I agree, at least it's a step up from SD. It's just so hard to switch from a HD to a SD channel.


----------



## Stewart Vernon (Jan 7, 2005)

nataraj said:


> It is also interesting that E* stated that they now have 70 channels ...


Please keep in mind... No one has been able to provide proof that Dish said they have 70 HD channels. An article on the 'net has reported that someone at Dish may have said this... but nothing from Dish (press releases or advertising or their own Web site) has counted up to 70 HD channels.

Whereas DirecTV has advertised 100 HD channels (then changed their ads to say "capacity")... and now "up to" qualifiers... Dish has not, as yet, said they havd 70 HD channels. Someone else has made this count and made the claim.


----------



## mspace (Mar 19, 2007)

HDMe said:


> Please keep in mind... No one has been able to provide proof that Dish said they have 70 HD channels.


Here is where I found it

http://www.tvpredictions.com/echo70091307.htm


----------



## James Long (Apr 17, 2003)

Yep ... that is where SOMEONE ELSE said E* has 70 channels.
It isn't E* saying they have 70 channels.

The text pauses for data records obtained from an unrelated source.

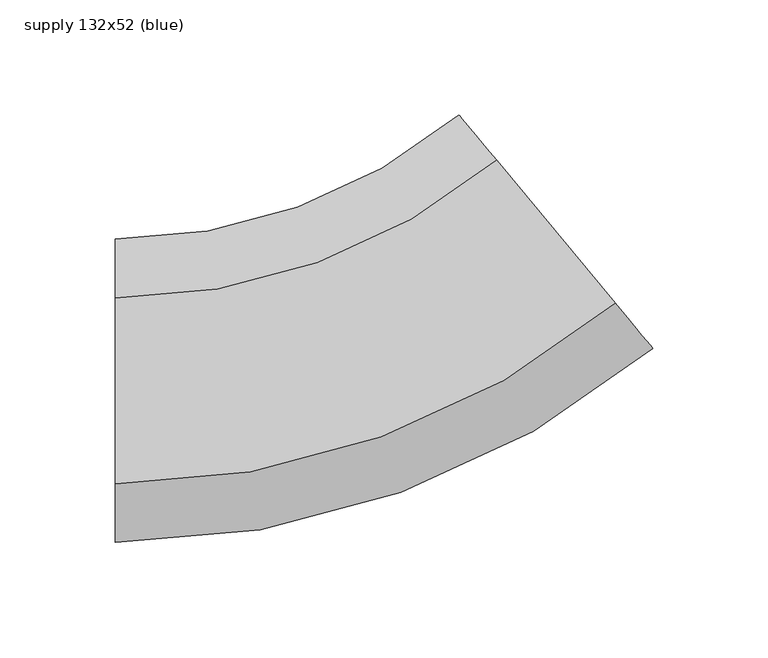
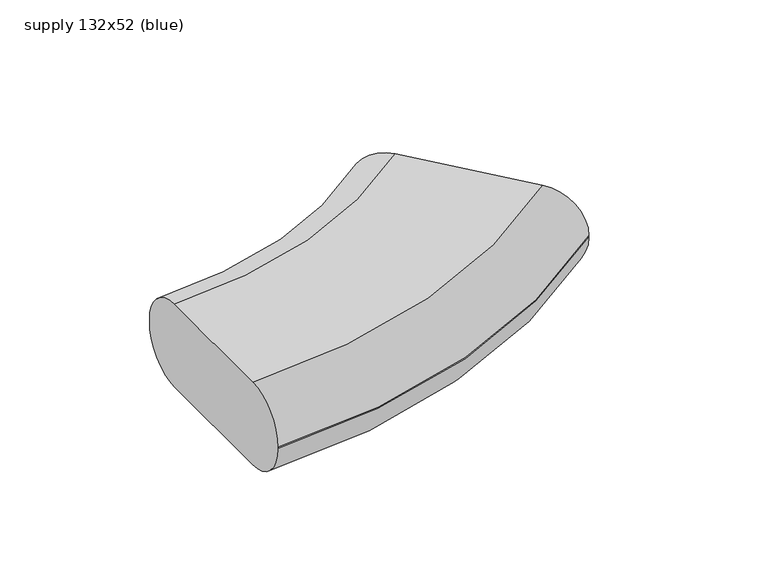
"""IFC4 building model written with IfcOpenShell, lengths in millimetres: duct segment geometry, NLRS_57_DUF_UN_Hybalans flexbend oval_M&G : supply 132x52 (blue)."""

from ifc_helpers import new_model, si_unit, point, frame, origin, place, context, project, spatial, polyline, circle_curve, ellipse_curve, trimmed, source, transform, mapped, element, save
from ifc_brep_helpers import plane_surface, cylinder_surface, revolved_surface, advanced_brep


def supply_132x52_blue_f4b112b8(model_context):
    return source(origin(), model_context, "Body", "AdvancedBrep", [
        advanced_brep(
        [(-108.2777572, -40.4, 26.0), (-108.2777572, 40.4, 26.0), (-108.2777572, 66.0, 0.4), (-108.2777572, 66.0, -0.4), (-108.2777572, 40.4, -26.0), (-108.2777572, -40.4, -26.0), (-108.2777572, -66.0, -0.4), (-108.2777572, -66.0, 0.4), (109.1206279, 38.0646986, 26.0), (125.4702127, 18.3656865, 0.4), (125.4702127, 18.3656865, -0.4), (109.1206279, 38.0646986, -26.0), (57.5172509, 100.2397055, -26.0), (41.1676662, 119.9387176, -0.4), (41.1676662, 119.9387176, 0.4), (57.5172509, 100.2397055, 26.0)],
        [
            (0, 1),
            (1, 2, circle_curve(frame((-108.2777572, 40.4, 0.4), z_axis=(-1.0, 0.0, 0.0), x_axis=(0.0, 1.0, 0.0)), 25.6)),
            (2, 3),
            (3, 4, circle_curve(frame((-108.2777572, 40.4, -0.4), z_axis=(-1.0, 0.0, 0.0), x_axis=(0.0, 1.0, 0.0)), 25.6)),
            (4, 5),
            (5, 6, circle_curve(frame((-108.2777572, -40.4, -0.4), z_axis=(-1.0, 0.0, 0.0), x_axis=(0.0, 1.0, 0.0)), 25.6)),
            (6, 7),
            (7, 0, circle_curve(frame((-108.2777572, -40.4, 0.4), z_axis=(-1.0, 0.0, 0.0), x_axis=(0.0, 1.0, 0.0)), 25.6)),
            (8, 9, circle_curve(frame((109.1206279, 38.0646986, 0.4), z_axis=(0.7694926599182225, 0.6386556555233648, 0.0), x_axis=(-0.6386556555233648, 0.7694926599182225, 0.0)), 25.6)),
            (9, 10),
            (10, 11, circle_curve(frame((109.1206279, 38.0646986, -0.4), z_axis=(0.7694926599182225, 0.6386556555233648, 0.0), x_axis=(-0.6386556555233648, 0.7694926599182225, 0.0)), 25.6)),
            (11, 12),
            (12, 13, circle_curve(frame((57.5172509, 100.2397055, -0.4), z_axis=(0.7694926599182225, 0.6386556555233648, 0.0), x_axis=(-0.6386556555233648, 0.7694926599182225, 0.0)), 25.6)),
            (13, 14),
            (14, 15, circle_curve(frame((57.5172509, 100.2397055, 0.4), z_axis=(0.7694926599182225, 0.6386556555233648, 0.0), x_axis=(-0.6386556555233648, 0.7694926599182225, 0.0)), 25.6)),
            (15, 8),
            (15, 1, circle_curve(frame((-108.2777572, 300.0, 26.0), z_axis=(0.0, 0.0, -1.0), x_axis=(0.0, -1.0, 0.0)), 259.6)),
            (0, 8, circle_curve(frame((-108.2777572, 300.0, 26.0), z_axis=(0.0, 0.0, 1.0), x_axis=(0.0, -1.0, 0.0)), 340.4)),
            (14, 2, circle_curve(frame((-108.2777572, 300.0, 0.4), z_axis=(0.0, 0.0, -1.0), x_axis=(0.0, -1.0, 0.0)), 234.0)),
            (13, 3, circle_curve(frame((-108.2777572, 300.0, -0.4), z_axis=(0.0, 0.0, -1.0), x_axis=(0.0, -1.0, 0.0)), 234.0)),
            (12, 4, circle_curve(frame((-108.2777572, 300.0, -26.0), z_axis=(0.0, 0.0, -1.0), x_axis=(0.0, -1.0, 0.0)), 259.6)),
            (11, 5, circle_curve(frame((-108.2777572, 300.0, -26.0), z_axis=(0.0, 0.0, -1.0), x_axis=(0.0, -1.0, 0.0)), 340.4)),
            (10, 6, circle_curve(frame((-108.2777572, 300.0, -0.4), z_axis=(0.0, 0.0, -1.0), x_axis=(0.0, -1.0, 0.0)), 366.0)),
            (9, 7, circle_curve(frame((-108.2777572, 300.0, 0.4), z_axis=(0.0, 0.0, -1.0), x_axis=(0.0, -1.0, 0.0)), 366.0)),
        ],
        [
            plane_surface(frame((-108.2777572, 0.0, 0.0), z_axis=(-1.0, 0.0, 0.0), x_axis=(0.0, 0.0, 1.0))),
            plane_surface(frame((83.3189394, 69.152202, 0.0), z_axis=(0.7694926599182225, 0.6386556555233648, 0.0), x_axis=(0.0, 0.0, 1.0))),
            plane_surface(frame((-108.2777572, 300.0, 26.0), z_axis=(0.0, 0.0, 1.0), x_axis=(0.0, -1.0, 0.0))),
            revolved_surface(trimmed(ellipse_curve(frame((-108.2777572, 40.4, 0.4), z_axis=(-1.0, 0.0, 0.0), x_axis=(0.0, 1.0, 0.0)), 25.6, 25.6), [point((-108.2777572, 40.4, 26.0))], [point((-108.2777572, 66.0, 0.4))], True, "CARTESIAN"), (-108.2777572, 300.0, 0.0), (0.0, 0.0, 1.0)),
            revolved_surface(polyline([(-108.2777572, 66.0, 0.4), (-108.2777572, 66.0, -0.4)]), (-108.2777572, 300.0, 0.0), (0.0, 0.0, 1.0)),
            revolved_surface(trimmed(ellipse_curve(frame((-108.2777572, 40.4, -0.4), z_axis=(-1.0, 0.0, 0.0), x_axis=(0.0, 1.0, 0.0)), 25.6, 25.6), [point((-108.2777572, 66.0, -0.4))], [point((-108.2777572, 40.4, -26.0))], True, "CARTESIAN"), (-108.2777572, 300.0, 0.0), (0.0, 0.0, 1.0)),
            plane_surface(frame((-108.2777572, 300.0, -26.0), z_axis=(0.0, 0.0, -1.0), x_axis=(0.0, -1.0, 0.0))),
            revolved_surface(trimmed(ellipse_curve(frame((-108.2777572, -40.4, -0.4), z_axis=(-1.0, 0.0, 0.0), x_axis=(0.0, 1.0, 0.0)), 25.6, 25.6), [point((-108.2777572, -40.4, -26.0))], [point((-108.2777572, -66.0, -0.4))], True, "CARTESIAN"), (-108.2777572, 300.0, 0.0), (0.0, 0.0, 1.0)),
            cylinder_surface(frame((-108.2777572, 300.0, 0.0), z_axis=(0.0, 0.0, 1.0), x_axis=(0.0, -1.0, 0.0)), 366.0),
            revolved_surface(trimmed(ellipse_curve(frame((-108.2777572, -40.4, 0.4), z_axis=(-1.0, 0.0, 0.0), x_axis=(0.0, 1.0, 0.0)), 25.6, 25.6), [point((-108.2777572, -66.0, 0.4))], [point((-108.2777572, -40.4, 26.0))], True, "CARTESIAN"), (-108.2777572, 300.0, 0.0), (0.0, 0.0, 1.0)),
        ],
        [
            (0, [[1, 2, 3, 4, 5, 6, 7, 8]]),
            (1, [[9, 10, 11, 12, 13, 14, 15, 16]]),
            (2, [[17, -1, 18, -16]]),
            (3, [[19, -2, -17, -15]]),
            (4, [[20, -3, -19, -14]]),
            (5, [[21, -4, -20, -13]]),
            (6, [[22, -5, -21, -12]]),
            (7, [[23, -6, -22, -11]]),
            (8, [[24, -7, -23, -10]]),
            (9, [[-18, -8, -24, -9]]),
        ],
    ),
    ])


if __name__ == "__main__":
    model = new_model("IFC4")
    model_context = context("Model", 3, world=origin())
    ifc_project = project(units=[si_unit("LENGTHUNIT", "METRE", prefix="MILLI")], contexts=[model_context])
    site = spatial("IfcSite", under=ifc_project)
    building = spatial("IfcBuilding", under=site)
    placement = place(None, origin())
    supply_132x52_blue_shape = supply_132x52_blue_f4b112b8(model_context)
    element("IfcDuctSegment", 1, ObjectType="NLRS_57_DUF_UN_Hybalans flexbend oval_M&G : supply 132x52 (blue)", at=placement, inside=building, context=model_context, shape_type="MappedRepresentation", body=[
        mapped(supply_132x52_blue_shape, transform((0.0, 0.0, 0.0), x_axis=(1.0, 0.0, 0.0), y_axis=(0.0, 1.0, 0.0), z_axis=(0.0, 0.0, 1.0))),
    ])
    save(model, "model.ifc")

In other words: Swanni says 70, not Charlie. 

The press release Swanni based his story on says 39.
http://www.dishnetwork.com/downloads/pdf/about_us/press_room/Big10.pdf
"_The leader in high-definition, DISH Network offers 39 national HD channels including NFL Network HD and ESPN HD, as well as HD local channels in more than 50 percent of U.S. households._"


----------



## whatchel1 (Jan 11, 2006)

As per usual swanni is the "cutting edge" source. He's so good at this. :lol: :lol: :lol: :lol: :lol:


----------



## nataraj (Feb 25, 2006)

James Long said:


> In other words: Swanni says 70, not Charlie.


Wow. I didn't think anyone would report in such a way that we would have to believe it was a direct quote.



> EchoStar: We Have 70 HDTV Channels!





> The company's rivals are likely to discount EchoStar's claim of 70 HD channels ...


The above quotes - by any journalistic standard - means the 70 channels is a direct claim by E*. Shame on Swanni. :nono2:


----------



## zlensman (Jan 15, 2006)

The whole business of counting HD channels and the alleged statement of 70 channels from E* was hashed out in this thread:

http://www.dbstalk.com/showthread.php?t=98649

After reading through that, I've come to this conclusion about trying to count total HD channels for either provider: that way madness lies.

Still, I am curious about how DirecTV counts to 100. On their website, they claim "Up to 100 ... national channels in HD by the end of the year". What does "up to" mean in this context? I assume that "national channels" means anything that's not an LiL. Yet when I look at the programming listed at that same website, I don't get a count of 100, or even 70.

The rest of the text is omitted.